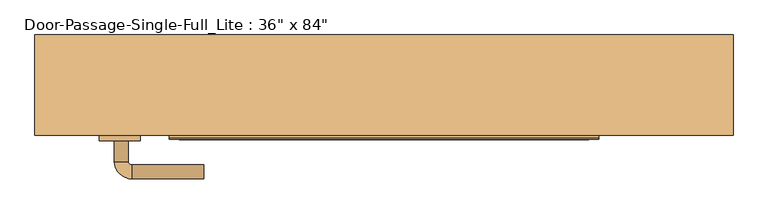
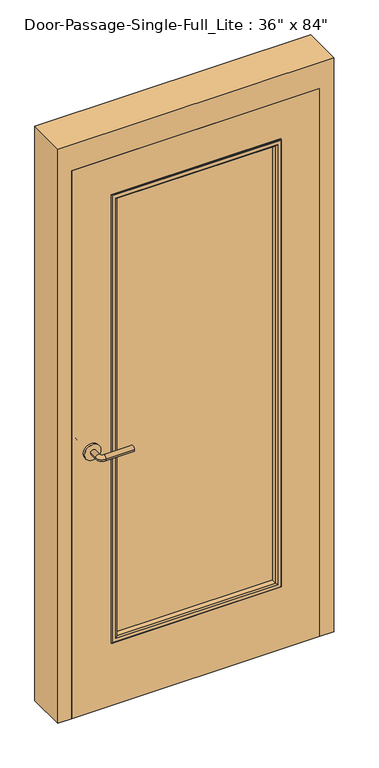
"""IFC4 building model written with IfcOpenShell, lengths in millimetres: door geometry."""

from ifc_helpers import new_model, si_unit, point, frame, frame_2d, origin, place, context, project, spatial, polyline, circle_curve, ellipse_curve, trimmed, segment, composite_curve, outline, extrude, faceted_brep, source, transform, mapped, element, save
from ifc_brep_helpers import plane_surface, cylinder_surface, revolved_surface, advanced_brep


def door_58f93f42(model_context):
    return source(origin(), model_context, "Body", "SolidModel", [
        advanced_brep(
        [(-392.190625, 1.65, 1016.0), (-372.190625, 1.65, 1016.0), (-392.190625, 31.65, 1016.0), (-372.190625, 31.65, 1016.0), (-367.190625, 36.65, 1016.0), (-367.190625, 56.65, 1016.0), (-262.190625, 56.65, 1016.0), (-262.190625, 36.65, 1016.0)],
        [
            (0, 1, circle_curve(frame((-382.190625, 1.65, 1016.0), z_axis=(0.0, -1.0, 0.0), x_axis=(1.0, 0.0, 0.0)), 10.0)),
            (1, 0, circle_curve(frame((-382.190625, 1.65, 1016.0), z_axis=(0.0, -1.0, 0.0), x_axis=(1.0, 0.0, 0.0)), 10.0)),
            (0, 2),
            (2, 3, circle_curve(frame((-382.190625, 31.65, 1016.0), z_axis=(0.0, -1.0, 0.0), x_axis=(1.0, 0.0, 0.0)), 10.0)),
            (3, 1),
            (3, 2, circle_curve(frame((-382.190625, 31.65, 1016.0), z_axis=(0.0, -1.0, 0.0), x_axis=(1.0, 0.0, 0.0)), 10.0)),
            (4, 3, circle_curve(frame((-367.190625, 31.65, 1016.0), z_axis=(0.0, 0.0, 1.0), x_axis=(-1.0, 0.0, 0.0)), 5.0)),
            (2, 5, circle_curve(frame((-367.190625, 31.65, 1016.0), z_axis=(0.0, 0.0, -1.0), x_axis=(-1.0, 0.0, 0.0)), 25.0)),
            (5, 4, circle_curve(frame((-367.190625, 46.65, 1016.0), z_axis=(-1.0, 0.0, 0.0), x_axis=(0.0, -1.0, 0.0)), 10.0)),
            (4, 5, circle_curve(frame((-367.190625, 46.65, 1016.0), z_axis=(-1.0, 0.0, 0.0), x_axis=(0.0, -1.0, 0.0)), 10.0)),
            (6, 7, circle_curve(frame((-262.190625, 46.65, 1016.0), z_axis=(1.0, 0.0, 0.0), x_axis=(0.0, -1.0, 0.0)), 10.0)),
            (7, 6, circle_curve(frame((-262.190625, 46.65, 1016.0), z_axis=(1.0, 0.0, 0.0), x_axis=(0.0, -1.0, 0.0)), 10.0)),
            (5, 6),
            (7, 4),
        ],
        [
            plane_surface(frame((-382.190625, 1.65, 1016.0), z_axis=(0.0, -1.0, 0.0), x_axis=(0.0, 0.0, 1.0))),
            cylinder_surface(frame((-382.190625, 1.65, 1016.0), z_axis=(0.0, -1.0, 0.0), x_axis=(1.0, 0.0, 0.0)), 10.0),
            revolved_surface(trimmed(ellipse_curve(frame((-382.190625, 31.65, 1016.0), z_axis=(0.0, -1.0, 0.0), x_axis=(1.0, 0.0, 0.0)), 10.0, 10.0), [point((-392.190625, 31.65, 1016.0))], [point((-372.190625, 31.65, 1016.0))], True, "CARTESIAN"), (-367.190625, 31.65, 1016.0), (0.0, 0.0, -1.0)),
            revolved_surface(trimmed(ellipse_curve(frame((-382.190625, 31.65, 1016.0), z_axis=(0.0, -1.0, 0.0), x_axis=(1.0, 0.0, 0.0)), 10.0, 10.0), [point((-372.190625, 31.65, 1016.0))], [point((-392.190625, 31.65, 1016.0))], True, "CARTESIAN"), (-367.190625, 31.65, 1016.0), (0.0, 0.0, -1.0)),
            plane_surface(frame((-262.190625, 46.65, 1016.0), z_axis=(1.0, 0.0, 0.0), x_axis=(0.0, 0.0, 1.0))),
            cylinder_surface(frame((-367.190625, 46.65, 1016.0), z_axis=(-1.0, 0.0, 0.0), x_axis=(0.0, -1.0, 0.0)), 10.0),
        ],
        [
            (0, [[1, 2]]),
            (1, [[-1, 3, 4, 5]]),
            (1, [[-2, -5, 6, -3]]),
            (2, [[7, -4, 8, 9]]),
            (3, [[-8, -6, -7, 10]]),
            (4, [[11, 12]]),
            (5, [[-9, 13, -12, 14]]),
            (5, [[-10, -14, -11, -13]]),
        ],
    ),
        extrude(outline(composite_curve([segment(trimmed(circle_curve(frame_2d((1016.0, -384.690625)), 30.0), [point((1016.0, -414.690625))], [point((1016.0, -354.690625))], False, "CARTESIAN"), True, "CONTINUOUS"), segment(trimmed(circle_curve(frame_2d((1016.0, -384.690625)), 30.0), [point((1016.0, -354.690625))], [point((1016.0, -414.690625))], False, "CARTESIAN"), True, "CONTINUOUS")], self_intersect=False)), frame((0.0, -6.35, 0.0), z_axis=(0.0, 1.0, 0.0), x_axis=(0.0, 0.0, 1.0)), (0.0, 0.0, 1.0), 8.0),
        advanced_brep(
        [(-392.190625, -58.8, 1016.0), (-372.190625, -58.8, 1016.0), (-372.190625, -88.8, 1016.0), (-392.190625, -88.8, 1016.0), (-367.190625, -93.8, 1016.0), (-367.190625, -113.8, 1016.0), (-262.190625, -113.8, 1016.0), (-262.190625, -93.8, 1016.0)],
        [
            (0, 1, circle_curve(frame((-382.190625, -58.8, 1016.0), z_axis=(0.0, 1.0, 0.0), x_axis=(1.0, 0.0, 0.0)), 10.0)),
            (1, 0, circle_curve(frame((-382.190625, -58.8, 1016.0), z_axis=(0.0, 1.0, 0.0), x_axis=(1.0, 0.0, 0.0)), 10.0)),
            (1, 2),
            (2, 3, circle_curve(frame((-382.190625, -88.8, 1016.0), z_axis=(0.0, 1.0, 0.0), x_axis=(1.0, 0.0, 0.0)), 10.0)),
            (3, 0),
            (3, 2, circle_curve(frame((-382.190625, -88.8, 1016.0), z_axis=(0.0, 1.0, 0.0), x_axis=(1.0, 0.0, 0.0)), 10.0)),
            (4, 5, circle_curve(frame((-367.190625, -103.8, 1016.0), z_axis=(-1.0, 0.0, 0.0), x_axis=(0.0, 1.0, 0.0)), 10.0)),
            (5, 3, circle_curve(frame((-367.190625, -88.8, 1016.0), z_axis=(0.0, 0.0, -1.0), x_axis=(-1.0, 0.0, 0.0)), 25.0)),
            (2, 4, circle_curve(frame((-367.190625, -88.8, 1016.0), z_axis=(0.0, 0.0, 1.0), x_axis=(-1.0, 0.0, 0.0)), 5.0)),
            (5, 4, circle_curve(frame((-367.190625, -103.8, 1016.0), z_axis=(-1.0, 0.0, 0.0), x_axis=(0.0, 1.0, 0.0)), 10.0)),
            (6, 7, circle_curve(frame((-262.190625, -103.8, 1016.0), z_axis=(1.0, 0.0, 0.0), x_axis=(0.0, 1.0, 0.0)), 10.0)),
            (7, 6, circle_curve(frame((-262.190625, -103.8, 1016.0), z_axis=(1.0, 0.0, 0.0), x_axis=(0.0, 1.0, 0.0)), 10.0)),
            (4, 7),
            (6, 5),
        ],
        [
            plane_surface(frame((-382.190625, -58.8, 1016.0), z_axis=(0.0, 1.0, 0.0), x_axis=(0.0, 0.0, 1.0))),
            cylinder_surface(frame((-382.190625, -58.8, 1016.0), z_axis=(0.0, 1.0, 0.0), x_axis=(1.0, 0.0, 0.0)), 10.0),
            revolved_surface(trimmed(ellipse_curve(frame((-382.190625, -88.8, 1016.0), z_axis=(0.0, -1.0, 0.0), x_axis=(1.0, 0.0, 0.0)), 10.0, 10.0), [point((-392.190625, -88.8, 1016.0))], [point((-372.190625, -88.8, 1016.0))], True, "CARTESIAN"), (-367.190625, -88.8, 1016.0), (0.0, 0.0, -1.0)),
            revolved_surface(trimmed(ellipse_curve(frame((-382.190625, -88.8, 1016.0), z_axis=(0.0, -1.0, 0.0), x_axis=(1.0, 0.0, 0.0)), 10.0, 10.0), [point((-372.190625, -88.8, 1016.0))], [point((-392.190625, -88.8, 1016.0))], True, "CARTESIAN"), (-367.190625, -88.8, 1016.0), (0.0, 0.0, -1.0)),
            plane_surface(frame((-262.190625, -103.8, 1016.0), z_axis=(1.0, 0.0, 0.0), x_axis=(0.0, 0.0, 1.0))),
            cylinder_surface(frame((-367.190625, -103.8, 1016.0), z_axis=(-1.0, 0.0, 0.0), x_axis=(0.0, 1.0, 0.0)), 10.0),
        ],
        [
            (0, [[1, 2]]),
            (1, [[3, 4, 5, -2]]),
            (1, [[-5, 6, -3, -1]]),
            (2, [[7, 8, -4, 9]]),
            (3, [[10, -9, -6, -8]]),
            (4, [[11, 12]]),
            (5, [[13, -11, 14, -7]]),
            (5, [[-14, -12, -13, -10]]),
        ],
    ),
        extrude(outline(composite_curve([segment(trimmed(circle_curve(frame_2d((1016.0, -384.690625)), 30.0), [point((1016.0, -414.690625))], [point((1016.0, -354.690625))], False, "CARTESIAN"), True, "CONTINUOUS"), segment(trimmed(circle_curve(frame_2d((1016.0, -384.690625)), 30.0), [point((1016.0, -354.690625))], [point((1016.0, -414.690625))], False, "CARTESIAN"), True, "CONTINUOUS")], self_intersect=False)), frame((0.0, -58.8, 0.0), z_axis=(0.0, 1.0, 0.0), x_axis=(0.0, 0.0, 1.0)), (0.0, 0.0, 1.0), 8.0),
        extrude(outline(polyline([(304.8, -25.4), (304.8, -31.75), (-304.8, -31.75), (-304.8, -25.4), (304.8, -25.4)])), frame((0.0, 0.0, 254.0), z_axis=(0.0, 0.0, 1.0), x_axis=(1.0, 0.0, 0.0)), (0.0, 0.0, 1.0), 1727.2),
        faceted_brep([(457.2, -1.5875, 0.0), (441.325, -1.5875, 0.0), (441.325, 46.0375, 0.0), (457.2, 46.0375, 0.0), (457.2, 95.25, 0.0), (508.0, 95.25, 0.0), (508.0, -50.8, 0.0), (457.2, -50.8, 0.0), (457.2, -50.8, 2133.6), (457.2, -1.5875, 2133.6), (508.0, -50.8, 2235.2), (-508.0, -50.8, 2235.2), (-508.0, -50.8, 0.0), (-457.2, -50.8, 0.0), (-457.2, -50.8, 2133.6), (508.0, 95.25, 2235.2), (457.2, 95.25, 2133.6), (-457.2, 95.25, 2133.6), (-457.2, 95.25, 0.0), (-508.0, 95.25, 0.0), (-508.0, 95.25, 2235.2), (457.2, 46.0375, 2133.6), (441.325, 46.0375, 2117.725), (-441.325, 46.0375, 2117.725), (-441.325, 46.0375, 0.0), (-457.2, 46.0375, 0.0), (-457.2, 46.0375, 2133.6), (441.325, -1.5875, 2117.725), (-457.2, -1.5875, 2133.6), (-457.2, -1.5875, 0.0), (-441.325, -1.5875, 0.0), (-441.325, -1.5875, 2117.725)], [[[0, 1, 2, 3, 4, 5, 6, 7]], [[7, 8, 9, 0]], [[6, 10, 11, 12, 13, 14, 8, 7]], [[5, 15, 10, 6]], [[4, 16, 17, 18, 19, 20, 15, 5]], [[3, 21, 16, 4]], [[2, 22, 23, 24, 25, 26, 21, 3]], [[1, 27, 22, 2]], [[0, 9, 28, 29, 30, 31, 27, 1]], [[8, 14, 28, 9]], [[16, 21, 26, 17]], [[22, 27, 31, 23]], [[12, 19, 18, 25, 24, 30, 29, 13]], [[13, 29, 28, 14]], [[11, 20, 19, 12]], [[17, 26, 25, 18]], [[23, 31, 30, 24]], [[15, 20, 11, 10]]]),
        extrude(outline(polyline([(2133.6, -457.2), (0.0, -457.2), (0.0, 457.2), (2133.6, 457.2), (2133.6, -457.2)]), holes=[polyline([(1981.2, -304.8), (1981.2, 304.8), (254.0, 304.8), (254.0, -304.8), (1981.2, -304.8)])]), frame((0.0, -50.8, 0.0), z_axis=(0.0, 1.0, 0.0), x_axis=(0.0, 0.0, 1.0)), (0.0, 0.0, 1.0), 44.45),
        advanced_brep(
        [(-304.8, -31.75, 1981.2), (-304.8, -31.75, 254.0), (-304.8, -50.8, 254.0), (-304.8, -50.8, 1981.2), (-292.8, -51.8, 1969.2), (-292.8, -51.8, 266.0), (-292.8, -31.75, 266.0), (-292.8, -31.75, 1969.2), (-297.8, -56.8, 1974.2), (-297.8, -56.8, 261.0), (-312.8, -54.8, 1989.2), (-312.8, -54.8, 246.0), (-310.8, -56.8, 248.0), (-310.8, -56.8, 1987.2), (-312.8, -50.8, 1989.2), (-312.8, -50.8, 246.0), (304.8, -31.75, 254.0), (304.8, -50.8, 254.0), (292.8, -51.8, 266.0), (292.8, -31.75, 266.0), (297.8, -56.8, 261.0), (312.8, -54.8, 246.0), (310.8, -56.8, 248.0), (312.8, -50.8, 246.0), (304.8, -31.75, 1981.2), (304.8, -50.8, 1981.2), (292.8, -51.8, 1969.2), (292.8, -31.75, 1969.2), (297.8, -56.8, 1974.2), (312.8, -54.8, 1989.2), (310.8, -56.8, 1987.2), (312.8, -50.8, 1989.2)],
        [
            (0, 1),
            (1, 2),
            (2, 3),
            (3, 0),
            (4, 5),
            (5, 6),
            (6, 7),
            (7, 4),
            (8, 9),
            (9, 5, ellipse_curve(frame((-297.8, -51.8, 261.0), z_axis=(-0.7071067811865475, 0.0, 0.7071067811865475), x_axis=(0.7071067811865474, 0.0, 0.7071067811865476)), 7.0710678, 5.0)),
            (4, 8, ellipse_curve(frame((-297.8, -51.8, 1974.2), z_axis=(-0.7071067811865475, 0.0, -0.7071067811865475), x_axis=(-0.7071067811865474, 0.0, 0.7071067811865476)), 7.0710678, 5.0)),
            (10, 11),
            (11, 12, ellipse_curve(frame((-310.8, -54.8, 248.0), z_axis=(-0.7071067811865475, 0.0, 0.7071067811865475), x_axis=(0.7071067811865474, 0.0, 0.7071067811865476)), 2.8284271, 2.0)),
            (12, 13),
            (13, 10, ellipse_curve(frame((-310.8, -54.8, 1987.2), z_axis=(-0.7071067811865475, 0.0, -0.7071067811865475), x_axis=(-0.7071067811865474, 0.0, 0.7071067811865476)), 2.8284271, 2.0)),
            (14, 15),
            (15, 11),
            (10, 14),
            (1, 16),
            (16, 17),
            (17, 2),
            (5, 18),
            (18, 19),
            (19, 6),
            (9, 20),
            (20, 18, ellipse_curve(frame((297.8, -51.8, 261.0), z_axis=(-0.7071067811865475, 0.0, -0.7071067811865475), x_axis=(-0.7071067811865476, 0.0, 0.7071067811865474)), 7.0710678, 5.0)),
            (11, 21),
            (21, 22, ellipse_curve(frame((310.8, -54.8, 248.0), z_axis=(-0.7071067811865475, 0.0, -0.7071067811865475), x_axis=(-0.7071067811865476, 0.0, 0.7071067811865474)), 2.8284271, 2.0)),
            (22, 12),
            (15, 23),
            (23, 21),
            (16, 24),
            (24, 25),
            (25, 17),
            (18, 26),
            (26, 27),
            (27, 19),
            (20, 28),
            (28, 26, ellipse_curve(frame((297.8, -51.8, 1974.2), z_axis=(0.7071067811865475, 0.0, -0.7071067811865475), x_axis=(-0.7071067811865474, 0.0, -0.7071067811865476)), 7.0710678, 5.0)),
            (21, 29),
            (29, 30, ellipse_curve(frame((310.8, -54.8, 1987.2), z_axis=(0.7071067811865475, 0.0, -0.7071067811865475), x_axis=(-0.7071067811865474, 0.0, -0.7071067811865476)), 2.8284271, 2.0)),
            (30, 22),
            (23, 31),
            (31, 29),
            (14, 31),
            (25, 3),
            (24, 0),
            (27, 7),
            (26, 4),
            (28, 8),
            (30, 13),
            (29, 10),
        ],
        [
            plane_surface(frame((-304.8, -50.8, 1981.2), z_axis=(-1.0, 0.0, 0.0), x_axis=(0.0, 0.0, -1.0))),
            plane_surface(frame((-292.8, -31.75, 1969.2), z_axis=(1.0, 0.0, 0.0), x_axis=(0.0, 0.0, -1.0))),
            cylinder_surface(frame((-297.8, -51.8, 1981.2), z_axis=(0.0, 0.0, 1.0), x_axis=(-1.0, 0.0, 0.0)), 5.0),
            cylinder_surface(frame((-310.8, -54.8, 1981.2), z_axis=(0.0, 0.0, 1.0), x_axis=(-1.0, 0.0, 0.0)), 2.0),
            plane_surface(frame((-312.8, -54.8, 1989.2), z_axis=(-1.0, 0.0, 0.0), x_axis=(0.0, 0.0, -1.0))),
            plane_surface(frame((-304.8, -50.8, 254.0), z_axis=(0.0, 0.0, -1.0), x_axis=(1.0, 0.0, 0.0))),
            plane_surface(frame((-292.8, -31.75, 266.0), z_axis=(0.0, 0.0, 1.0), x_axis=(1.0, 0.0, 0.0))),
            cylinder_surface(frame((-304.8, -51.8, 261.0), z_axis=(-1.0, 0.0, 0.0), x_axis=(0.0, 0.0, -1.0)), 5.0),
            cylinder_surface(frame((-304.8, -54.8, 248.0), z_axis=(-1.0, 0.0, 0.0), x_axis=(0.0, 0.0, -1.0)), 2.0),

##############################

**Work item:** Within the records, tally every line that contains the word "source". Only the resulting number should be given.

**Your solution:** 2